An airport control tower is seen at Newark Liberty International Airport, on May 6, 2025 in Newark, New Jersey.

Andres Kudacki | Getty Images

Air traffic controllers have been under strain for years, but a 90-second equipment failure last month exposed how decades of staffing shortages, underinvestment and patchwork solutions for those who guide planes through some of the world’s most congested airspace are taking their toll.

The outage also sparked hundreds of flight delays, disrupting travel for thousands of people for days — again. Less than two weeks later, on Friday, there was another similar outage at the same facility, though it was overnight, when far fewer planes are in the air.

Vexed by costly delays, airline executives have clamored for years for upgrades to fix the aging air traffic infrastructure and end staffing shortages.

With the CEOs of the largest U.S. airlines present, Transportation Secretary Sean Duffy on Thursday unveiled a plan to replace dated radar and communications systems across U.S. airspace, an overhaul that airlines estimate could require Congress to approve more than $30 billion in funding.

Duffy didn’t provide a price tag but has said the job will cost billions of dollars and added Thursday that it will require those funds from Congress “up front.”

“The system we have here, it’s not worth saving,” Duffy said at the event. “It’s too old.”

Airlines, Airbus, GE Aerospace, labor unions and other industry members on Thursday applauded a $12.5 billion House spending proposal set aside to improve air traffic control and said another $18.5 billion in emergency funding is needed over the next three years for upgrades and improved staffing.

Some Democrats said they were encouraged by Duffy’s new proposal but criticized the Trump administration’s layoffs of dozens of Federal Aviation Administration employees earlier this year, which didn’t include air traffic controllers.

“If America wants to remain the gold standard in aviation safety, we need smart investments—not canceled investments and funding cuts,” said Sen.
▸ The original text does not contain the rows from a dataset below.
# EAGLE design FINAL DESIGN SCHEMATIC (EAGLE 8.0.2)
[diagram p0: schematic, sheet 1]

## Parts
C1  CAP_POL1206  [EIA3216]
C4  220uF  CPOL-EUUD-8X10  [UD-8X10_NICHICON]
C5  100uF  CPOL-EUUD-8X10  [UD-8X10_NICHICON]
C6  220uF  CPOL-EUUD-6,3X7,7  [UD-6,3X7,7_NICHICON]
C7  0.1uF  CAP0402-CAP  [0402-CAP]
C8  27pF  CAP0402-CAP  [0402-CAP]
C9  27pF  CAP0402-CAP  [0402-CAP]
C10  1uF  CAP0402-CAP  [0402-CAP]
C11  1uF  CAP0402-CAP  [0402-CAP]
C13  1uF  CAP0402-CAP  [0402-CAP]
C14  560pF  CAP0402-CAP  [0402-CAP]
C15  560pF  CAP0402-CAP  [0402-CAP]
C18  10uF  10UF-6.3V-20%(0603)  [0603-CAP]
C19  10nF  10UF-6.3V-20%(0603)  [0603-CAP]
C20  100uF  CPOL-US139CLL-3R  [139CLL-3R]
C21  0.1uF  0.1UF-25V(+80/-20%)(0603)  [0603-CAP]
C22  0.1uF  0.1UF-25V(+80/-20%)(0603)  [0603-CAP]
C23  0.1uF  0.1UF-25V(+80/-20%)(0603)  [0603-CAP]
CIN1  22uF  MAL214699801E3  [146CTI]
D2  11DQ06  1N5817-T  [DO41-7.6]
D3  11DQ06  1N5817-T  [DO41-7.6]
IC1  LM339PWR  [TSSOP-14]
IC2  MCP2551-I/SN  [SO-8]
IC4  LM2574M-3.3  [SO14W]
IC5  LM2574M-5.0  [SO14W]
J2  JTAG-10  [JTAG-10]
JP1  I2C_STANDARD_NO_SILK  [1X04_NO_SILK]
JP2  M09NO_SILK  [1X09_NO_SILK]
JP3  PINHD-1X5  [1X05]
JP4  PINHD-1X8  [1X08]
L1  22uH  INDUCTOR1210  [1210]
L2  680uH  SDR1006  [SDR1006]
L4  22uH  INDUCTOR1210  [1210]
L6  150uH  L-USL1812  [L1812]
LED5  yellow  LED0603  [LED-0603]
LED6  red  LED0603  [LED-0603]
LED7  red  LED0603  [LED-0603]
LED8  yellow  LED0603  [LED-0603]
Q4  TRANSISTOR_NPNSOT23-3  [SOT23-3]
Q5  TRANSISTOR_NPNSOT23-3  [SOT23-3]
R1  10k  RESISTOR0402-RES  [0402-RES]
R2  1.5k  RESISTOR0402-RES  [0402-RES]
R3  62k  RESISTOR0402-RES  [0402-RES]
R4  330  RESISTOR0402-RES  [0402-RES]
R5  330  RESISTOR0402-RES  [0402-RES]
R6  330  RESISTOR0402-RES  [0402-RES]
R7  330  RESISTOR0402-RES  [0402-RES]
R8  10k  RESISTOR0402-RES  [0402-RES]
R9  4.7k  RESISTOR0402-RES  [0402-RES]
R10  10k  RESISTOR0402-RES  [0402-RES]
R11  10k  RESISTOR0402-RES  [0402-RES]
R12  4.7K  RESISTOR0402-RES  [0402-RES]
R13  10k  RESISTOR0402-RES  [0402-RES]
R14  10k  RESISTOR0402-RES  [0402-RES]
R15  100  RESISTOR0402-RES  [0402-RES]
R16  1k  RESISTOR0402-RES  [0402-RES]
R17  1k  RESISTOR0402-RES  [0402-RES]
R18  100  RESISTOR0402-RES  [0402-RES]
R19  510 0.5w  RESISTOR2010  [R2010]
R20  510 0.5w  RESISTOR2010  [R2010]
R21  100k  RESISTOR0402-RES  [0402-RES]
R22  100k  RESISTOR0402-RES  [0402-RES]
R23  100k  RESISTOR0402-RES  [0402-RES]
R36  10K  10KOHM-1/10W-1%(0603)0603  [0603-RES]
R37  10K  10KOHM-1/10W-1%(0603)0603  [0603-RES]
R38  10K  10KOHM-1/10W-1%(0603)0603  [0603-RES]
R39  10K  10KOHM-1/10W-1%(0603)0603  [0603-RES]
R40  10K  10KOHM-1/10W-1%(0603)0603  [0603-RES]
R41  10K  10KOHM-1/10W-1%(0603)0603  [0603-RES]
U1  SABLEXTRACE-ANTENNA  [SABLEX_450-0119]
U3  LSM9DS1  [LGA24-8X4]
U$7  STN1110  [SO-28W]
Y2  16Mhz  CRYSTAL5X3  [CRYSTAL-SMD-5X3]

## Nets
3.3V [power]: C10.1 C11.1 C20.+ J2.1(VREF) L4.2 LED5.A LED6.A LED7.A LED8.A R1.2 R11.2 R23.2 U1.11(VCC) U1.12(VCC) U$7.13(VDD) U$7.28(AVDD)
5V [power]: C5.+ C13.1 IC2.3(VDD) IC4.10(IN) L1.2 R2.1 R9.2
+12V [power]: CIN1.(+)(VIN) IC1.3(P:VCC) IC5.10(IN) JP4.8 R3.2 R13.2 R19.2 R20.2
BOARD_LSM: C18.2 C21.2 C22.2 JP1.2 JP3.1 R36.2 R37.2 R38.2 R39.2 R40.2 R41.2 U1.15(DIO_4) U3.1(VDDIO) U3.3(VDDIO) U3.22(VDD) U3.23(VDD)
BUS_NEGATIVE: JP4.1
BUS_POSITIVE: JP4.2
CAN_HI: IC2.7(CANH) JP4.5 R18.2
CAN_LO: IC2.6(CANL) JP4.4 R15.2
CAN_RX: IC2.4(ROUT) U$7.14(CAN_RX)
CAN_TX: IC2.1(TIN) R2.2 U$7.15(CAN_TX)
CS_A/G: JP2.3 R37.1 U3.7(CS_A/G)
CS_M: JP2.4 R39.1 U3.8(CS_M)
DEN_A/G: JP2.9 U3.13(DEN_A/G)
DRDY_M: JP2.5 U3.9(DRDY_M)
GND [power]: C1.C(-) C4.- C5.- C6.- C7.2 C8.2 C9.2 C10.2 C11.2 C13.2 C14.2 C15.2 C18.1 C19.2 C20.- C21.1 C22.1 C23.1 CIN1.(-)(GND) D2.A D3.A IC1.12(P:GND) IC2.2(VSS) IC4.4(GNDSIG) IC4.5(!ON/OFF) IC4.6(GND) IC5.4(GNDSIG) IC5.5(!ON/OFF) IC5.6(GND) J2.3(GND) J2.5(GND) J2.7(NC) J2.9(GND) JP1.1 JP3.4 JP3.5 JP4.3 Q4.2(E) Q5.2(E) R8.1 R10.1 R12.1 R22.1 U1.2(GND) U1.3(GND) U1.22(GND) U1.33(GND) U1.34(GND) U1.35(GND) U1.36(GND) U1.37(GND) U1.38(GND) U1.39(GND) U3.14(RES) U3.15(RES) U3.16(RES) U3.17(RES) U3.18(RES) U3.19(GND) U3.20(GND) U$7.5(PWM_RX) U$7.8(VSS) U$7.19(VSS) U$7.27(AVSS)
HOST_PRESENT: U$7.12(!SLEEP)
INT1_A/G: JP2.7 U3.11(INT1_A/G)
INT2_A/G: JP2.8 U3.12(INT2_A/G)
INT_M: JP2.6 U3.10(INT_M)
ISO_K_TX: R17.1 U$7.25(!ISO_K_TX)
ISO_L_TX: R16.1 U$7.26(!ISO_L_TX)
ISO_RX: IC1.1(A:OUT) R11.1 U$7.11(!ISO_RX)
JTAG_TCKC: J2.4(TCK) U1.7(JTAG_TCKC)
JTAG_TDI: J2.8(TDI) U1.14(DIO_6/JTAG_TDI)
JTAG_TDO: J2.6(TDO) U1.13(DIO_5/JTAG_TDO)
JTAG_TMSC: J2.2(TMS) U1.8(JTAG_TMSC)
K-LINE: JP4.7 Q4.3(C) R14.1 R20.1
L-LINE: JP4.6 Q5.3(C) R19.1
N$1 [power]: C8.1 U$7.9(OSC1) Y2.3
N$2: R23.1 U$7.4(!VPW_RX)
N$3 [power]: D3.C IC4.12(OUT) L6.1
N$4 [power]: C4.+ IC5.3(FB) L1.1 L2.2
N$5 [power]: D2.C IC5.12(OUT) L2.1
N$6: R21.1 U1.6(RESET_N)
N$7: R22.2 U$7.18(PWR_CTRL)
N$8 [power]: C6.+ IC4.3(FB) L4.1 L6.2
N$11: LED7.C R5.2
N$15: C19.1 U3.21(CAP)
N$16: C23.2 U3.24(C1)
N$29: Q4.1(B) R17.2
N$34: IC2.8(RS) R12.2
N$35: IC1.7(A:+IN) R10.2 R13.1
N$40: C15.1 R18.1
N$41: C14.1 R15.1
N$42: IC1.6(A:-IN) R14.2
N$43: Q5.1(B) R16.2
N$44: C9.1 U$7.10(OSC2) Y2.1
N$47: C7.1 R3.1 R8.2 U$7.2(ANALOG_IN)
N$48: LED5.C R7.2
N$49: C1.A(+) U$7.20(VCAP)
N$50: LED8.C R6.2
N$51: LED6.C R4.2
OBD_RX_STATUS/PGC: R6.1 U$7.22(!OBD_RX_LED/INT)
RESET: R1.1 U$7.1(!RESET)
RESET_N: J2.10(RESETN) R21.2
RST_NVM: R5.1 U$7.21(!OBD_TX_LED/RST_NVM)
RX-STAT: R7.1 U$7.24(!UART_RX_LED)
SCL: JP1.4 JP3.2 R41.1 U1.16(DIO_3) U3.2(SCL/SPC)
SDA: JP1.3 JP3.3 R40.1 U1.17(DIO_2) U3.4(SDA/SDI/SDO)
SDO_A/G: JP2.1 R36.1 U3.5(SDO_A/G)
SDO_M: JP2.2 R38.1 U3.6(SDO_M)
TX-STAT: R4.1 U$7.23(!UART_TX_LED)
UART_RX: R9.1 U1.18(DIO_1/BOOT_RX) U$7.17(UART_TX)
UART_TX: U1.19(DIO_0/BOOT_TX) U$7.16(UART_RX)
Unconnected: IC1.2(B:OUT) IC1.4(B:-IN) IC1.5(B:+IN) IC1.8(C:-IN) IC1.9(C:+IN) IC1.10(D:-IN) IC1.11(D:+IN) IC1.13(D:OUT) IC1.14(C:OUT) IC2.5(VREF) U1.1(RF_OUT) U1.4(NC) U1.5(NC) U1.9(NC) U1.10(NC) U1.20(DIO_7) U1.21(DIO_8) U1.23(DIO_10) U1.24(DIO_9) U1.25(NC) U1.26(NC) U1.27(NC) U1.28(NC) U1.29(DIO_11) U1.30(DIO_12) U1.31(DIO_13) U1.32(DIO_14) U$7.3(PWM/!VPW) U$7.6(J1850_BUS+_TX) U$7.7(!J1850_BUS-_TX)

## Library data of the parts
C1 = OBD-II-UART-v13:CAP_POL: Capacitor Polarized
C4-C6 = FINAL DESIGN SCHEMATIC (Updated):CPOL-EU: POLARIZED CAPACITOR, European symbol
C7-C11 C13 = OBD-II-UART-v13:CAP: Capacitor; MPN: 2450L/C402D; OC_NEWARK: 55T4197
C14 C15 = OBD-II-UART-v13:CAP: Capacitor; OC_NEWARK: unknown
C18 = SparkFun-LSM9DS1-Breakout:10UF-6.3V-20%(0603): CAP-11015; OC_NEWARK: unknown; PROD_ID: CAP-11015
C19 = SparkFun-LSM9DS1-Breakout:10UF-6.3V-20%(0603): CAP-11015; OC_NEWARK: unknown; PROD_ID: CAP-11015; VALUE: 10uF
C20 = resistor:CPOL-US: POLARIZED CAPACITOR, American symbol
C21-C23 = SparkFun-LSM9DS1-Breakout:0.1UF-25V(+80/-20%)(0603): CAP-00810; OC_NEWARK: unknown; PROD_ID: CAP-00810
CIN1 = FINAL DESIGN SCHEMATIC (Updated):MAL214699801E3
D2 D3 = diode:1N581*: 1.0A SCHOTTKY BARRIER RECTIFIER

Tammy Duckworth, D-Ill., in a statement on Thursday.

What’s the problem at Newark?

On the afternoon of April 28, air traffic controllers at a facility in Philadelphia who are responsible for guiding planes to and from Newark Liberty International Airport in New Jersey faced dark radar screens and were unable to talk to planes for more than a minute.

The outage lasted about 30 seconds. It took another 30 to 60 seconds for aircraft to reappear on radarscopes, according to the FAA.

United Airlines’ Captain Deon Byrne check her phone as she arrives at Terminal C in Newark Liberty International Airport, on May 6, 2025 in Newark, New Jersey.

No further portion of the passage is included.